ASSIGNMENT: Begin at the top of the records below and print each line exactly until the line containing "In plain terms, the" has been printed; any pictures are to be left out.

Records from a data collection:
- - -

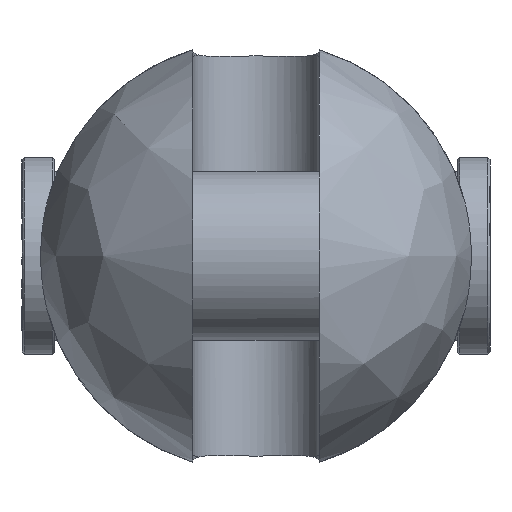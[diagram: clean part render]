
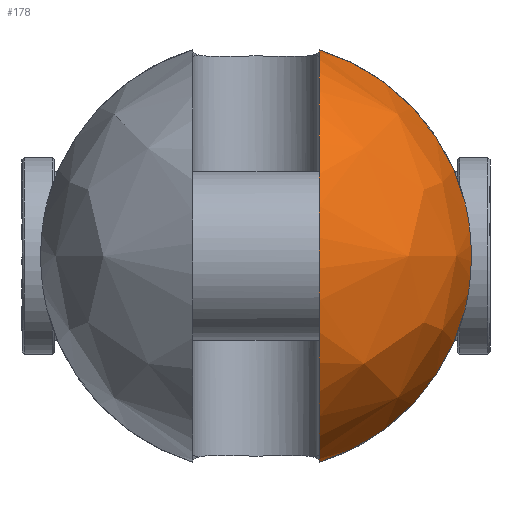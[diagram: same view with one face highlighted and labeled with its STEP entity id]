
A CAD part, left-side view. The second image highlights one B-rep face of the part: STEP entity #178.
In plain terms, the highlighted free-form (B-spline) face has degree [2, 2] with [9, 5] control points.
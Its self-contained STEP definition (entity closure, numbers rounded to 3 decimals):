
#178=ADVANCED_FACE('',(#318),#2409,.T.);
#318=FACE_OUTER_BOUND('',#478,.T.);
#478=EDGE_LOOP('',(#1189,#1190,#1191,#1192));
#1189=ORIENTED_EDGE('',*,*,#1569,.T.);
#1190=ORIENTED_EDGE('',*,*,#1597,.F.);
#1191=ORIENTED_EDGE('',*,*,#1609,.T.);
#1192=ORIENTED_EDGE('',*,*,#1589,.F.);
#1569=EDGE_CURVE('',#2242,#2241,#1976,.T.);
#1589=EDGE_CURVE('',#2242,#2254,#1986,.T.);
#1597=EDGE_CURVE('',#2261,#2241,#1987,.T.);
#1609=EDGE_CURVE('',#2261,#2254,#1782,.T.);
#1782=B_SPLINE_CURVE_WITH_KNOTS('',3,(#6087,#6088,#6089,#6090,#6091,#6092,
#6093,#6094,#6095,#6096,#6097,#6098,#6099,#6100),.UNSPECIFIED.,.F.,.F.,
(4,2,2,2,2,2,4),(0.,1.151,6.447,11.742,
17.038,22.334,23.485),.UNSPECIFIED.);
#1976=(
BOUNDED_CURVE()
B_SPLINE_CURVE(2,(#5855,#5856,#5857,#5858,#5859),.UNSPECIFIED.,.F.,.F.)
B_SPLINE_CURVE_WITH_KNOTS((3,2,3),(-138.15,-69.075,
0.),.UNSPECIFIED.)
CURVE()
GEOMETRIC_REPRESENTATION_ITEM()
RATIONAL_B_SPLINE_CURVE((1.,0.707,1.,0.707,1.))
REPRESENTATION_ITEM('')
);
#1986=(
BOUNDED_CURVE()
B_SPLINE_CURVE(2,(#5957,#5958,#5959),.UNSPECIFIED.,.F.,.F.)
B_SPLINE_CURVE_WITH_KNOTS((3,3),(0.,47.354),.UNSPECIFIED.)
CURVE()
GEOMETRIC_REPRESENTATION_ITEM()
RATIONAL_B_SPLINE_CURVE((1.,0.87,1.))
REPRESENTATION_ITEM('')
);
#1987=(
BOUNDED_CURVE()
B_SPLINE_CURVE(2,(#6014,#6015,#6016),.UNSPECIFIED.,.F.,.F.)
B_SPLINE_CURVE_WITH_KNOTS((3,3),(0.,47.354),.UNSPECIFIED.)
CURVE()
GEOMETRIC_REPRESENTATION_ITEM()
RATIONAL_B_SPLINE_CURVE((1.,0.87,1.))
REPRESENTATION_ITEM('')
);
#2241=VERTEX_POINT('',#5739);
#2242=VERTEX_POINT('',#5740);
#2254=VERTEX_POINT('',#5752);
#2261=VERTEX_POINT('',#5759);
#2409=(
BOUNDED_SURFACE()
B_SPLINE_SURFACE(2,2,((#5453,#5454,#5455,#5456,#5457),(#5458,#5459,#5460,
#5461,#5462),(#5463,#5464,#5465,#5466,#5467),(#5468,#5469,#5470,#5471,#5472),
(#5473,#5474,#5475,#5476,#5477),(#5478,#5479,#5480,#5481,#5482),(#5483,
#5484,#5485,#5486,#5487),(#5488,#5489,#5490,#5491,#5492),(#5493,#5494,#5495,
#5496,#5497)),.UNSPECIFIED.,.T.,.F.,.F.)
B_SPLINE_SURFACE_WITH_KNOTS((3,2,2,2,3),(3,2,3),(0.,72.257,144.513,
216.77,289.027),(0.,72.257,144.513),
 .UNSPECIFIED.)
GEOMETRIC_REPRESENTATION_ITEM()
RATIONAL_B_SPLINE_SURFACE(((1.,0.707,1.,0.707,1.),
(0.707,0.5,0.707,0.5,0.707),(1.,0.707,
1.,0.707,1.),(0.707,0.5,0.707,0.5,0.707),
(1.,0.707,1.,0.707,1.),(0.707,0.5,0.707,
0.5,0.707),(1.,0.707,1.,0.707,1.),(0.707,
0.5,0.707,0.5,0.707),(1.,0.707,1.,0.707,
1.)))
REPRESENTATION_ITEM('')
SURFACE()
);
#5453=CARTESIAN_POINT('',(-65.,0.,0.));
#5454=CARTESIAN_POINT('',(-65.,46.,0.));
#5455=CARTESIAN_POINT('',(-19.,46.,0.));
#5456=CARTESIAN_POINT('',(27.,46.,0.));
#5457=CARTESIAN_POINT('',(27.,0.,0.));
#5458=CARTESIAN_POINT('',(-65.,0.,0.));
#5459=CARTESIAN_POINT('',(-65.,46.,46.));
#5460=CARTESIAN_POINT('',(-19.,46.,46.));
#5461=CARTESIAN_POINT('',(27.,46.,46.));
#5462=CARTESIAN_POINT('',(27.,0.,0.));
#5463=CARTESIAN_POINT('',(-65.,0.,0.));
#5464=CARTESIAN_POINT('',(-65.,0.,46.));
#5465=CARTESIAN_POINT('',(-19.,0.,46.));
#5466=CARTESIAN_POINT('',(27.,0.,46.));
#5467=CARTESIAN_POINT('',(27.,0.,0.));
#5468=CARTESIAN_POINT('',(-65.,0.,0.));
#5469=CARTESIAN_POINT('',(-65.,-46.,46.));
#5470=CARTESIAN_POINT('',(-19.,-46.,46.));
#5471=CARTESIAN_POINT('',(27.,-46.,46.));
#5472=CARTESIAN_POINT('',(27.,0.,0.));
#5473=CARTESIAN_POINT('',(-65.,0.,0.));
#5474=CARTESIAN_POINT('',(-65.,-46.,0.));
#5475=CARTESIAN_POINT('',(-19.,-46.,0.));
#5476=CARTESIAN_POINT('',(27.,-46.,0.));
#5477=CARTESIAN_POINT('',(27.,0.,0.));
#5478=CARTESIAN_POINT('',(-65.,0.,0.));
#5479=CARTESIAN_POINT('',(-65.,-46.,-46.));
#5480=CARTESIAN_POINT('',(-19.,-46.,-46.));
#5481=CARTESIAN_POINT('',(27.,-46.,-46.));
#5482=CARTESIAN_POINT('',(27.,0.,0.));
#5483=CARTESIAN_POINT('',(-65.,0.,0.));
#5484=CARTESIAN_POINT('',(-65.,0.,-46.));
#5485=CARTESIAN_POINT('',(-19.,0.,-46.));
#5486=CARTESIAN_POINT('',(27.,0.,-46.));
#5487=CARTESIAN_POINT('',(27.,0.,0.));
#5488=CARTESIAN_POINT('',(-65.,0.,0.));
#5489=CARTESIAN_POINT('',(-65.,46.,-46.));
#5490=CARTESIAN_POINT('',(-19.,46.,-46.));
#5491=CARTESIAN_POINT('',(27.,46.,-46.));
#5492=CARTESIAN_POINT('',(27.,0.,0.));
#5493=CARTESIAN_POINT('',(-65.,0.,0.));
#5494=CARTESIAN_POINT('',(-65.,46.,0.));
#5495=CARTESIAN_POINT('',(-19.,46.,0.));
#5496=CARTESIAN_POINT('',(27.,46.,0.));
#5497=CARTESIAN_POINT('',(27.,0.,0.));
#5739=CARTESIAN_POINT('',(-19.,-13.5,-43.974));
#5740=CARTESIAN_POINT('',(-19.,-13.5,43.974));
#5752=CARTESIAN_POINT('',(-19.,-44.643,11.091));
#5759=CARTESIAN_POINT('',(-19.,-44.643,-11.091));
#5855=CARTESIAN_POINT('',(-19.,-13.5,43.974));
#5856=CARTESIAN_POINT('',(-62.974,-13.5,43.974));
#5857=CARTESIAN_POINT('',(-62.974,-13.5,0.));
#5858=CARTESIAN_POINT('',(-62.974,-13.5,-43.974));
#5859=CARTESIAN_POINT('',(-19.,-13.5,-43.974));
#5957=CARTESIAN_POINT('',(-19.,-13.5,43.974));
#5958=CARTESIAN_POINT('',(-19.,-38.371,36.339));
#5959=CARTESIAN_POINT('',(-19.,-44.643,11.091));
#6014=CARTESIAN_POINT('',(-19.,-44.643,-11.091));
#6015=CARTESIAN_POINT('',(-19.,-38.371,-36.339));
#6016=CARTESIAN_POINT('',(-19.,-13.5,-43.974));
#6087=CARTESIAN_POINT('',(-19.,-44.643,-11.091));
#6088=CARTESIAN_POINT('',(-19.191,-44.724,-10.763));
#6089=CARTESIAN_POINT('',(-19.374,-44.802,-10.43));
#6090=CARTESIAN_POINT('',(-20.351,-45.216,-8.538));
#6091=CARTESIAN_POINT('',(-20.972,-45.475,-6.873));
#6092=CARTESIAN_POINT('',(-21.797,-45.818,-3.461));
#6093=CARTESIAN_POINT('',(-22.,-45.902,-1.713));
#6094=CARTESIAN_POINT('',(-22.,-45.902,1.713));
#6095=CARTESIAN_POINT('',(-21.797,-45.818,3.461));
#6096=CARTESIAN_POINT('',(-20.972,-45.475,6.873));
#6097=CARTESIAN_POINT('',(-20.351,-45.216,8.538));
#6098=CARTESIAN_POINT('',(-19.374,-44.802,10.43));
#6099=CARTESIAN_POINT('',(-19.191,-44.724,10.763));
#6100=CARTESIAN_POINT('',(-19.,-44.643,11.091));

- - -

RESPONSE BOX:
[diagram: clean part render]
[diagram: same view with one face highlighted and labeled with its STEP entity id]
A CAD part, left-side view. The second image highlights one B-rep face of the part: STEP entity #178.
In plain terms, the highlighted free-form (B-spline) face has degree [2, 2] with [9, 5] control points.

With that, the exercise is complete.